Hoy y mañana el Senado de España acoge la Conferencia Internacional de Víctimas del Terrorismo en el área de la Organización para la Seguridad y la Cooperación en Europa (OSCE). Su celebración ha sido, en gran medida, un empeño personal como miembro de la Comisión Contra el Terrorismo de su Asamblea Parlamentaria. Y tenía muchos motivos para hacerlo.

El primero, es la deuda de gratitud infinita que toda la sociedad tiene contraída con sus víctimas. Preservar su memoria no es sólo una obligación moral sino el mejor medio para prevenir que el veneno del odio que conduce a la violencia pueda volver a prender en nuestros países. A veces, las víctimas quedan arrinconadas en la historia como un testimonio incómodo de una realidad que algunos preferirían olvidar. Pero su recuerdo nos hace más fuertes y su homenaje mejores. Recordar su sacrificio y su heroísmo nos hace partícipes de unos valores como la entrega, generosidad y coraje cívico de los que nuestras sociedades están muy necesitadas.

En segundo lugar, mi profundo orgullo como español a las víctimas del terrorismo de nuestro país. No creo que haya en el mundo otro colectivo más ejemplar. Jamás vi odio en sus miradas, ni les escuché un reproche por los años en que fueron olvidadas o por los momentos en que las dejamos solas con su dolor. Incluso en lo más profundo de su sufrimiento supieron mantener una dignidad que sus asesinos jamás lograron arrebatarles. Incluso, he visto en ellas gestos de perdón que van más allá de lo humanamente exigible. Tener la oportunidad de que nuestras víctimas den testimonio de tanta grandeza, valor y fortaleza ante representantes de otros países amigos es algo que compensa cualquier esfuerzo.
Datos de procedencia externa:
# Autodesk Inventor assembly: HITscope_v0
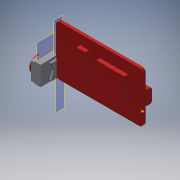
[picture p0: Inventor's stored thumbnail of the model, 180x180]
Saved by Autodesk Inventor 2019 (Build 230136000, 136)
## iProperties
Created: 2021-09
Part Number: HITscope_v0
Material: Generisch
Document SubType Name: Assembly
Designer: Muriel
Author: Muriel
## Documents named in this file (3)
- C:\Users\Muriel\Documents\Inventor\HITscope\HITscope_v0.iam
- C:\Users\Muriel\Documents\Inventor\HITscope\00_ESP32_Board.ipt
- C:\Users\Muriel\Documents\Inventor\HITscope\01_Camera_Module_v0.ipt
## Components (2 placed, 2 different names)
1. 00_ESP32_Board:1 — Fluchtend:1
2. 01_Camera_Module_v0:1 — Fluchtend:1
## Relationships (1: Flush 1)
- Fluchtend:1 [Flush]: 00_ESP32_Board:1 ↔ 01_Camera_Module_v0:1
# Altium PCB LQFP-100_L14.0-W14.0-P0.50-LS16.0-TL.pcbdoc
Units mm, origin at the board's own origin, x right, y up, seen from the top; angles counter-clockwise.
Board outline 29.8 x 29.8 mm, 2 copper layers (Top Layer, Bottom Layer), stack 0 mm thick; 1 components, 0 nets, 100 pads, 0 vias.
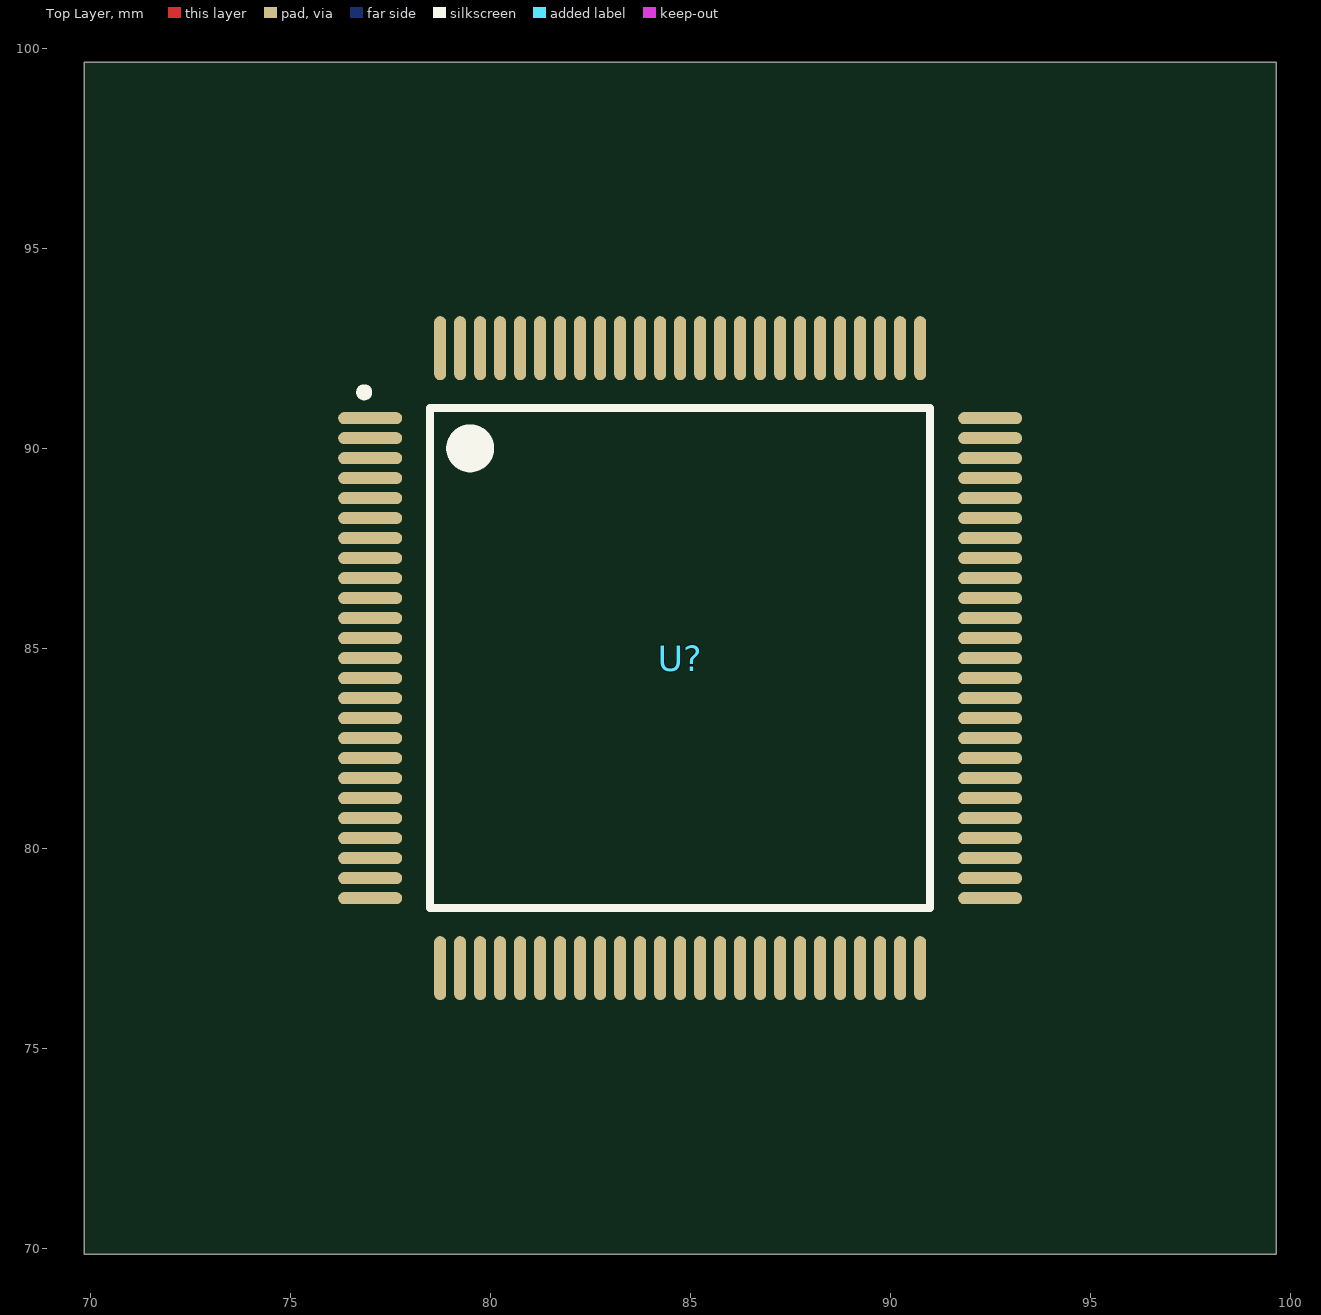
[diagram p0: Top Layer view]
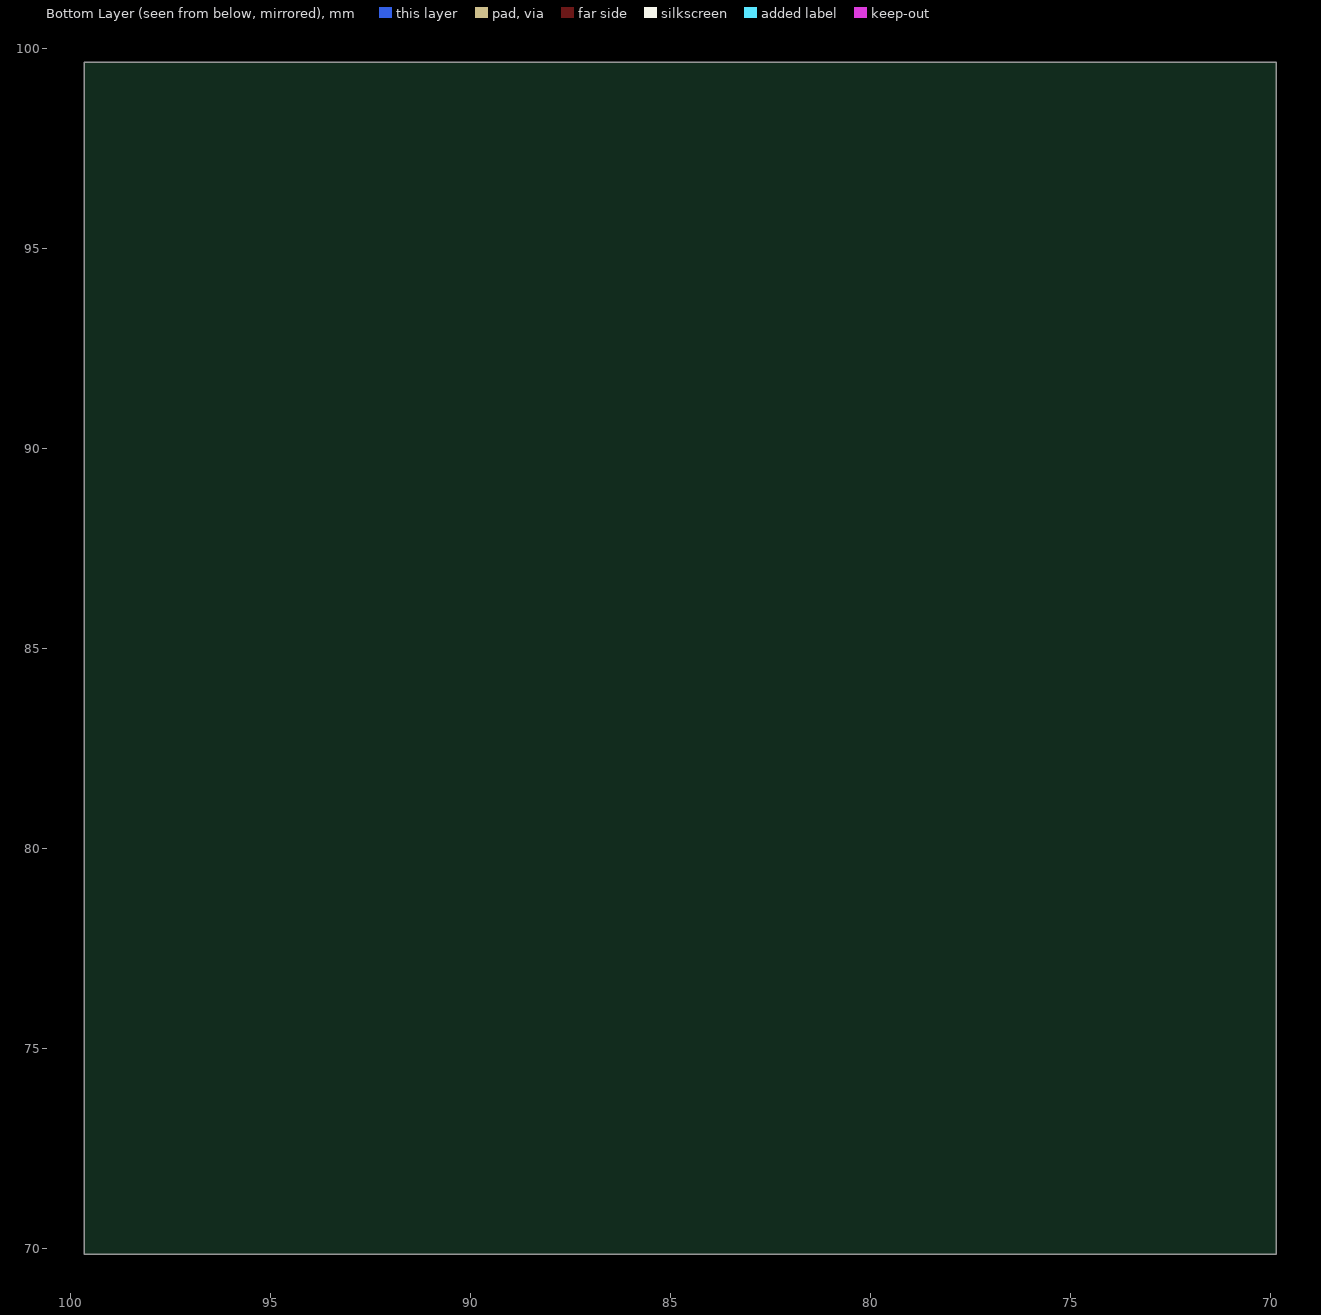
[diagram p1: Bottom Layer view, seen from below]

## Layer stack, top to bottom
Top Layer: signal copper (thickness not stored)
Bottom Layer: signal copper (thickness not stored)

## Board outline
99.65,69.85 69.85,69.85 69.85,99.65 99.65,99.65

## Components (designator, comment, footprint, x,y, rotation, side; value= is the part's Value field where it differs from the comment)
U? "" LQFP-100_L14.0-W14.0-P0.50-LS16.0-TL 84.75,84.75 r0 top

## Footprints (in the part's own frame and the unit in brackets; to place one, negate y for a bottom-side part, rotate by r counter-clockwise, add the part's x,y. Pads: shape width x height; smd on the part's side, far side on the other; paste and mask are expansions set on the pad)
LQFP-100_L14.0-W14.0-P0.50-LS16.0-TL [mm]
  oval 1.6x0.3 smd: 1(-7.75,6) 2(-7.75,5.5) 3(-7.75,5) 4(-7.75,4.5) 5(-7.75,4) 6(-7.75,3.5) 7(-7.75,3) 8(-7.75,2.5) 9(-7.75,2) 10(-7.75,1.5) 11(-7.75,1) 12(-7.75,0.5) 13(-7.75,0) 14(-7.75,-0.5) 15(-7.75,-1) 16(-7.75,-1.5) 17(-7.75,-2) 18(-7.75,-2.5) 19(-7.75,-3) 20(-7.75,-3.5) 21(-7.75,-4) 22(-7.75,-4.5) 23(-7.75,-5) 24(-7.75,-5.5) 25(-7.75,-6) 51(7.75,-6) 52(7.75,-5.5) 53(7.75,-5) 54(7.75,-4.5) 55(7.75,-4) 56(7.75,-3.5) 57(7.75,-3) 58(7.75,-2.5) 59(7.75,-2) 60(7.75,-1.5) 61(7.75,-1) 62(7.75,-0.5) 63(7.75,0) 64(7.75,0.5) 65(7.75,1) 66(7.75,1.5) 67(7.75,2) 68(7.75,2.5) 69(7.75,3) 70(7.75,3.5) 71(7.75,4) 72(7.75,4.5) 73(7.75,5) 74(7.75,5.5) 75(7.75,6)
  oval 0.3x1.6 smd: 26(-6,-7.75) 27(-5.5,-7.75) 28(-5,-7.75) 29(-4.5,-7.75) 30(-4,-7.75) 31(-3.5,-7.75) 32(-3,-7.75) 33(-2.5,-7.75) 34(-2,-7.75) 35(-1.5,-7.75) 36(-1,-7.75) 37(-0.5,-7.75) 38(0,-7.75) 39(0.5,-7.75) 40(1,-7.75) 41(1.5,-7.75) 42(2,-7.75) 43(2.5,-7.75) 44(3,-7.75) 45(3.5,-7.75) 46(4,-7.75) 47(4.5,-7.75) 48(5,-7.75) 49(5.5,-7.75) 50(6,-7.75) 76(6,7.75) 77(5.5,7.75) 78(5,7.75) 79(4.5,7.75) 80(4,7.75) 81(3.5,7.75) 82(3,7.75) 83(2.5,7.75) 84(2,7.75) 85(1.5,7.75) 86(1,7.75) 87(0.5,7.75) 88(0,7.75) 89(-0.5,7.75) 90(-1,7.75) 91(-1.5,7.75) 92(-2,7.75) 93(-2.5,7.75) 94(-3,7.75) 95(-3.5,7.75) 96(-4,7.75) 97(-4.5,7.75) 98(-5,7.75) 99(-5.5,7.75) 100(-6,7.75)
  silkscreen extent -8,-6.25 6.25,6.75

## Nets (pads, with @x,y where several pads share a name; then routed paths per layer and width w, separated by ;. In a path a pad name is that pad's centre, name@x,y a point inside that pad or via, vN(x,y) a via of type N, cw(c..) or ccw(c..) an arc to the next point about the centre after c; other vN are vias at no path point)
pads on no net: U?.1 U?.2 U?.3 U?.4 U?.5 U?.6 U?.7 U?.8 U?.9 U?.10 U?.11 U?.12 U?.13 U?.14 U?.15 U?.16 U?.17 U?.18 U?.19 U?.20 U?.21 U?.22 U?.23 U?.24 U?.25 U?.26 U?.27 U?.28 U?.29 U?.30 U?.31 U?.32 U?.33 U?.34 U?.35 U?.36 U?.37 U?.38 U?.39 U?.40 U?.41 U?.42 U?.43 U?.44 U?.45 U?.46 U?.47 U?.48 U?.49 U?.50 U?.51 U?.52 U?.53 U?.54 U?.55 U?.56 U?.57 U?.58 U?.59 U?.60 U?.61 U?.62 U?.63 U?.64 U?.65 U?.66 U?.67 U?.68 U?.69 U?.70 U?.71 U?.72 U?.73 U?.74 U?.75 U?.76 U?.77 U?.78 U?.79 U?.80 U?.81 U?.82 U?.83 U?.84 U?.85 U?.86 U?.87 U?.88 U?.89 U?.90 U?.91 U?.92 U?.93 U?.94 U?.95 U?.96 U?.97 U?.98 U?.99 U?.100

No fue un camino fácil, pero la democracia española ha sabido entender el valor que las víctimas del terrorismo atesoran. España ha desarrollado así un modelo de reconocimiento, de atención y de apoyo a las víctimas que puede servir de referencia para otros países. Como miembro de la Asamblea Parlamentaria de la OSCE me gustaría que, sobre la experiencia española y en base a los debates compartidos con otros miembros en esta Conferencia, pudiera elevar al Pleno de la Asamblea un informe que pueda ser el embrión de un Estatuto de las Víctimas del Terrorismo en todo el área OSCE. Ese es el objetivo último por el que hemos convocado en el Senado a parlamentarios de los 54 países miembros y a colectivos de víctimas de muchos de ellos.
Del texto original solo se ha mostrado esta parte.